WORK TASK: Retype every line from the start of the data down to and including the line with "#4563 = ORIENTED_EDGE". Skip the pictures.

Items from a data source:
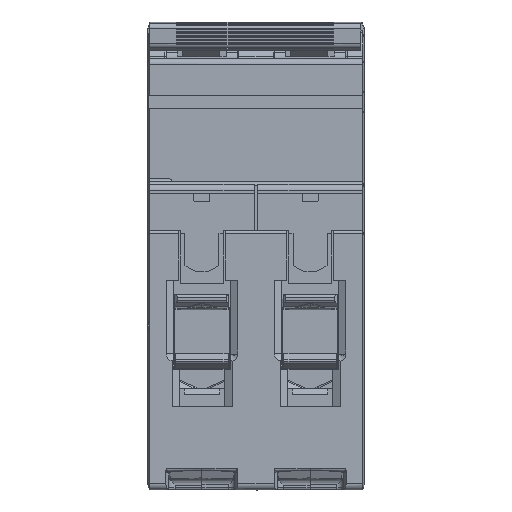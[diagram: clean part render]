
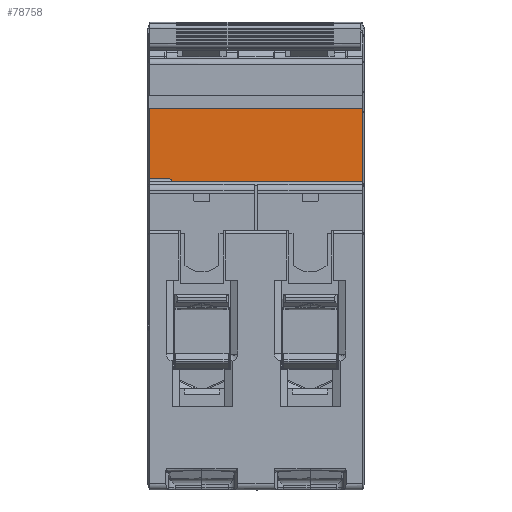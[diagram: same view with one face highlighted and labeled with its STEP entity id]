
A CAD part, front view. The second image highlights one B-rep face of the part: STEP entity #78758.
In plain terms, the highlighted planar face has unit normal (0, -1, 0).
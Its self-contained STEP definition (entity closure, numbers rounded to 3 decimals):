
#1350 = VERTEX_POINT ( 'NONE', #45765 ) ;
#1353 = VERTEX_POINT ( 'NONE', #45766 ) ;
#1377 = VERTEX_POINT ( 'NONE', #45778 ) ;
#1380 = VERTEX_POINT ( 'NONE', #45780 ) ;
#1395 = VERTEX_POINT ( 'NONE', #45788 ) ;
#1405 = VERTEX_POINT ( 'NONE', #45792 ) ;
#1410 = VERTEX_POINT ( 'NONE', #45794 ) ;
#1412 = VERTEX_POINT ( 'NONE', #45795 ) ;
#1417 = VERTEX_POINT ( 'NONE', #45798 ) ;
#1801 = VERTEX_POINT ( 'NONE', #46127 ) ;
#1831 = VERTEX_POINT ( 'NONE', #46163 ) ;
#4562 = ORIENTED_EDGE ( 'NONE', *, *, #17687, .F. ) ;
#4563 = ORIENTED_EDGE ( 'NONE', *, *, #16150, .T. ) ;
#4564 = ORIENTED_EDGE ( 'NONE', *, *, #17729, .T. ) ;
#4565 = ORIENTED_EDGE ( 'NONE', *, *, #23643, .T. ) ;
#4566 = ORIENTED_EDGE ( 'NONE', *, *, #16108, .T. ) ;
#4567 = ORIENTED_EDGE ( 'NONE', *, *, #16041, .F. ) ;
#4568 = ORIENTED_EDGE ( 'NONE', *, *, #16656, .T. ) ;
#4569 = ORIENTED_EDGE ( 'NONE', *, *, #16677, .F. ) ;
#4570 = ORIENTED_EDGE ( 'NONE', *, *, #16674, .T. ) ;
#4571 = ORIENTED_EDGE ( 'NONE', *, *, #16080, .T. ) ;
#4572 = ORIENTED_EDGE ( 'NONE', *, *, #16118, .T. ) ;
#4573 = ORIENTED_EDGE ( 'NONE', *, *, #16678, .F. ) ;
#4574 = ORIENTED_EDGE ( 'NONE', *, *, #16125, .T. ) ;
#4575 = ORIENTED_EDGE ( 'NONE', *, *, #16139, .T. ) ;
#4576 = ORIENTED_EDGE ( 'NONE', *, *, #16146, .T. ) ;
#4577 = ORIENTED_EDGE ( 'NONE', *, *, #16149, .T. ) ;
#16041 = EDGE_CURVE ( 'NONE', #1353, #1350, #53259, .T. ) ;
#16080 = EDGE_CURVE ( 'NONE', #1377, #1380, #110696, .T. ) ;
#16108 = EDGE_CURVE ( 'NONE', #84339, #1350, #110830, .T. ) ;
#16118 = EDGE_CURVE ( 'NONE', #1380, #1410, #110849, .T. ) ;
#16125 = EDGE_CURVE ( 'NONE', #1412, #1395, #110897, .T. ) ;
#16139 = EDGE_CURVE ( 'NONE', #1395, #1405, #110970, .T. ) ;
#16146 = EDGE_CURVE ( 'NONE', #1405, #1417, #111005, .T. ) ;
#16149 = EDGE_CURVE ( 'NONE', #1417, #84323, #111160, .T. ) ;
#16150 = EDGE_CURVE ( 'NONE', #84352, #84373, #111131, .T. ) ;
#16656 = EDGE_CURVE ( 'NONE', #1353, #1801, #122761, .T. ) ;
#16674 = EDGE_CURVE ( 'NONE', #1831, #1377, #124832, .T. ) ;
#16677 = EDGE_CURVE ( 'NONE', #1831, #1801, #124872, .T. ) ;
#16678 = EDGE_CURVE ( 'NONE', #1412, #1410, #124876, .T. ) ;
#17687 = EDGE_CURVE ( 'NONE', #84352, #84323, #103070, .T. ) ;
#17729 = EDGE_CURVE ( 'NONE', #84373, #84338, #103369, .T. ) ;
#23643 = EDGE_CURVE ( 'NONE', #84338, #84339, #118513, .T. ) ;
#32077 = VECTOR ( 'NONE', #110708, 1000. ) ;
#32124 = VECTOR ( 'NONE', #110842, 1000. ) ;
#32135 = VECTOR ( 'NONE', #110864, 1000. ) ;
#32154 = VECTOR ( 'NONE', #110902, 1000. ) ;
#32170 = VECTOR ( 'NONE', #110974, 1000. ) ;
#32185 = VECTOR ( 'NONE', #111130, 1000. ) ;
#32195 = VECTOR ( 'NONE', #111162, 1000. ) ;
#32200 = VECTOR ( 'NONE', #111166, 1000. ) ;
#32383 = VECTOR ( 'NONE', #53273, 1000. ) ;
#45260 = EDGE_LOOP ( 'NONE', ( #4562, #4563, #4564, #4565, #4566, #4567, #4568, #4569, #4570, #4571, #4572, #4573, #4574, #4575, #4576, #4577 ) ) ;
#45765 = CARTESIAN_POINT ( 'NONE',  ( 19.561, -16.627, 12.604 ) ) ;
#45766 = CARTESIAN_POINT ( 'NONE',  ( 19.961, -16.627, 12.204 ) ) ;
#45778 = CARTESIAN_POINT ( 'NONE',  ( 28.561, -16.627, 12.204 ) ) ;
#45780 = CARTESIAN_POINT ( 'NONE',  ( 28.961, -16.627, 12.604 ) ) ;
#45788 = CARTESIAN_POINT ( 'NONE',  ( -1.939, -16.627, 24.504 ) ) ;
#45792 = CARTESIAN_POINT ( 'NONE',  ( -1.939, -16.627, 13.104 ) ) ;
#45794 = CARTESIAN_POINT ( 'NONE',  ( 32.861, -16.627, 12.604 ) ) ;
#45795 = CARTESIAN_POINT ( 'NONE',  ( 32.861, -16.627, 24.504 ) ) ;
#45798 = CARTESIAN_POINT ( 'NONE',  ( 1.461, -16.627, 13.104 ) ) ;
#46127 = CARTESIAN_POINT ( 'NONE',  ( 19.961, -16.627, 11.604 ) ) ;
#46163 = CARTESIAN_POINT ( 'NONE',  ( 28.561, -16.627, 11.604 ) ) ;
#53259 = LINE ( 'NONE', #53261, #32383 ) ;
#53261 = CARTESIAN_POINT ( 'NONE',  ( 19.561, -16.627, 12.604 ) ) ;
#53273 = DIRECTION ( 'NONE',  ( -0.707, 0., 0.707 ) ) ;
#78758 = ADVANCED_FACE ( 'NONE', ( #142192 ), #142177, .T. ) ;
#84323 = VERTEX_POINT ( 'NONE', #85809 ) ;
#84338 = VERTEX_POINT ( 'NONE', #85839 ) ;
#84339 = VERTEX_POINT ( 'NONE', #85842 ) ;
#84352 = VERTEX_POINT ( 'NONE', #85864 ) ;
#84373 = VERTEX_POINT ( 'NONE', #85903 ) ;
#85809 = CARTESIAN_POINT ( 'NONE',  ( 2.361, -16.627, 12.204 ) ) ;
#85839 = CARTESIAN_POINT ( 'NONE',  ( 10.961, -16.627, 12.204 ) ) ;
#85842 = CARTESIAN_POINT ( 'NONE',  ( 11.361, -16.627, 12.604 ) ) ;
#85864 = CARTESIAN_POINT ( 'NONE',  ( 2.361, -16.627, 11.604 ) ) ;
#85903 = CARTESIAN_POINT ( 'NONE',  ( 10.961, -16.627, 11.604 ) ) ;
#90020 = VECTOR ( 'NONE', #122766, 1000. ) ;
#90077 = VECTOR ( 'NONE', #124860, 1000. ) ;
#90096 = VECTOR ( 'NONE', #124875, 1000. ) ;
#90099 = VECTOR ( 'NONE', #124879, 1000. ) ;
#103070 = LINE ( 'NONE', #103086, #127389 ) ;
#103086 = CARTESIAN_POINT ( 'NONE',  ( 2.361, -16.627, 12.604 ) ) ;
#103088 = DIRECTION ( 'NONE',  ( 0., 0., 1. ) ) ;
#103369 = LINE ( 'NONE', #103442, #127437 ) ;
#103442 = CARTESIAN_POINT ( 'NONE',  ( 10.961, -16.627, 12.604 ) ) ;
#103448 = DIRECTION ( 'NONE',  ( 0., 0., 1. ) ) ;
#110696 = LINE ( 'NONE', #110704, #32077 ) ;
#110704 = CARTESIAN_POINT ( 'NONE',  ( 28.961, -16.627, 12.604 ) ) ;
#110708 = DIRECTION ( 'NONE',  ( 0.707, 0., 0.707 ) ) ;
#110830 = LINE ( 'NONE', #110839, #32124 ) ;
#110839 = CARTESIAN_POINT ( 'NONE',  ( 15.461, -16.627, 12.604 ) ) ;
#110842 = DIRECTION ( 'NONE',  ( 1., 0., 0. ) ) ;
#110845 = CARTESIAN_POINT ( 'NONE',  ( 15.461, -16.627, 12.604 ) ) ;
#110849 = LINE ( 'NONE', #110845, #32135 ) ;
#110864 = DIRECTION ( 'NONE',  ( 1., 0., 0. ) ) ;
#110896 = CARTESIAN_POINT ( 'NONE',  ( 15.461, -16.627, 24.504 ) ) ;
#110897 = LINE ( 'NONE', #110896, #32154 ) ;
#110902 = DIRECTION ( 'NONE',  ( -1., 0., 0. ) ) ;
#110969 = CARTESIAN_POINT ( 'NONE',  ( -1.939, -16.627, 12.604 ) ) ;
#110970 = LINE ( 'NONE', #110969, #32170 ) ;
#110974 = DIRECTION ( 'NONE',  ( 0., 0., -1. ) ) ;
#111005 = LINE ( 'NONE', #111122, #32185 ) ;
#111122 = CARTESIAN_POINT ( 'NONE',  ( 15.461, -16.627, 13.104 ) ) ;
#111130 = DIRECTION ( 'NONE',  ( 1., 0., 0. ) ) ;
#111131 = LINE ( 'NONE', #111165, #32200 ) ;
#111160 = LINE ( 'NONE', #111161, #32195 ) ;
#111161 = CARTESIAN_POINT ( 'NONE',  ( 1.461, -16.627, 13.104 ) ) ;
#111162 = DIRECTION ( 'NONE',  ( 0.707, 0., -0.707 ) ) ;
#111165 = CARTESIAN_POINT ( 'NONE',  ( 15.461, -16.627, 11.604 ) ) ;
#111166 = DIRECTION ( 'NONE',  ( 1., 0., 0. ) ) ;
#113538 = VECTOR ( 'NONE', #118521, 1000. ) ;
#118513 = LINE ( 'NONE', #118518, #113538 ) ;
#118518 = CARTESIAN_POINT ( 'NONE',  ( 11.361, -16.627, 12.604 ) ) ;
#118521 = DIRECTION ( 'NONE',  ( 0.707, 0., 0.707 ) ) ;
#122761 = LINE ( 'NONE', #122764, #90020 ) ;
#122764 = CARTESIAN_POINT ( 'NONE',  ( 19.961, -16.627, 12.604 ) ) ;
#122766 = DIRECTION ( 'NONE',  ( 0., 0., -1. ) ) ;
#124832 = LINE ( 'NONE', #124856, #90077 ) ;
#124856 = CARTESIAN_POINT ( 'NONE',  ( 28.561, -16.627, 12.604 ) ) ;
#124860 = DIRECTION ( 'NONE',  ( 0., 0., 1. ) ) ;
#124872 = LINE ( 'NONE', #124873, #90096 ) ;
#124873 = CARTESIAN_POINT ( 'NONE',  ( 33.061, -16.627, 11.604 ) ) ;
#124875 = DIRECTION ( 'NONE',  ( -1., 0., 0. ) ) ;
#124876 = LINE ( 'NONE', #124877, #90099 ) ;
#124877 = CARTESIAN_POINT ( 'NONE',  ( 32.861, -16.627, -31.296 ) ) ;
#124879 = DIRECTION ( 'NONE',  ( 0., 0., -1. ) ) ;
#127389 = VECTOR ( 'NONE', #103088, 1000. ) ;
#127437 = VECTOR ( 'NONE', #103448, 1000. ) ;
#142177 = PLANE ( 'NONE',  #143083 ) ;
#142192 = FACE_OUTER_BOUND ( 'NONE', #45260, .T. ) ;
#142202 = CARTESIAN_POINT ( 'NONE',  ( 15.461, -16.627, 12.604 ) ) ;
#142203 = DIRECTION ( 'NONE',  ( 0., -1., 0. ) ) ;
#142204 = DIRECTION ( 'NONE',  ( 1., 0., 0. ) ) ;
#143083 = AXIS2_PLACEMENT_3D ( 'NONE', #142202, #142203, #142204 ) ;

RESPONSE BOX:
[diagram: clean part render]
[diagram: same view with one face highlighted and labeled with its STEP entity id]
A CAD part, front view. The second image highlights one B-rep face of the part: STEP entity #78758.
In plain terms, the highlighted planar face has unit normal (0, -1, 0).
Its self-contained STEP definition (entity closure, numbers rounded to 3 decimals):
#1350 = VERTEX_POINT ( 'NONE', #45765 ) ;
#1353 = VERTEX_POINT ( 'NONE', #45766 ) ;
#1377 = VERTEX_POINT ( 'NONE', #45778 ) ;
#1380 = VERTEX_POINT ( 'NONE', #45780 ) ;
#1395 = VERTEX_POINT ( 'NONE', #45788 ) ;
#1405 = VERTEX_POINT ( 'NONE', #45792 ) ;
#1410 = VERTEX_POINT ( 'NONE', #45794 ) ;
#1412 = VERTEX_POINT ( 'NONE', #45795 ) ;
#1417 = VERTEX_POINT ( 'NONE', #45798 ) ;
#1801 = VERTEX_POINT ( 'NONE', #46127 ) ;
#1831 = VERTEX_POINT ( 'NONE', #46163 ) ;
#4562 = ORIENTED_EDGE ( 'NONE', *, *, #17687, .F. ) ;
#4563 = ORIENTED_EDGE ( 'NONE', *, *, #16150, .T. ) ;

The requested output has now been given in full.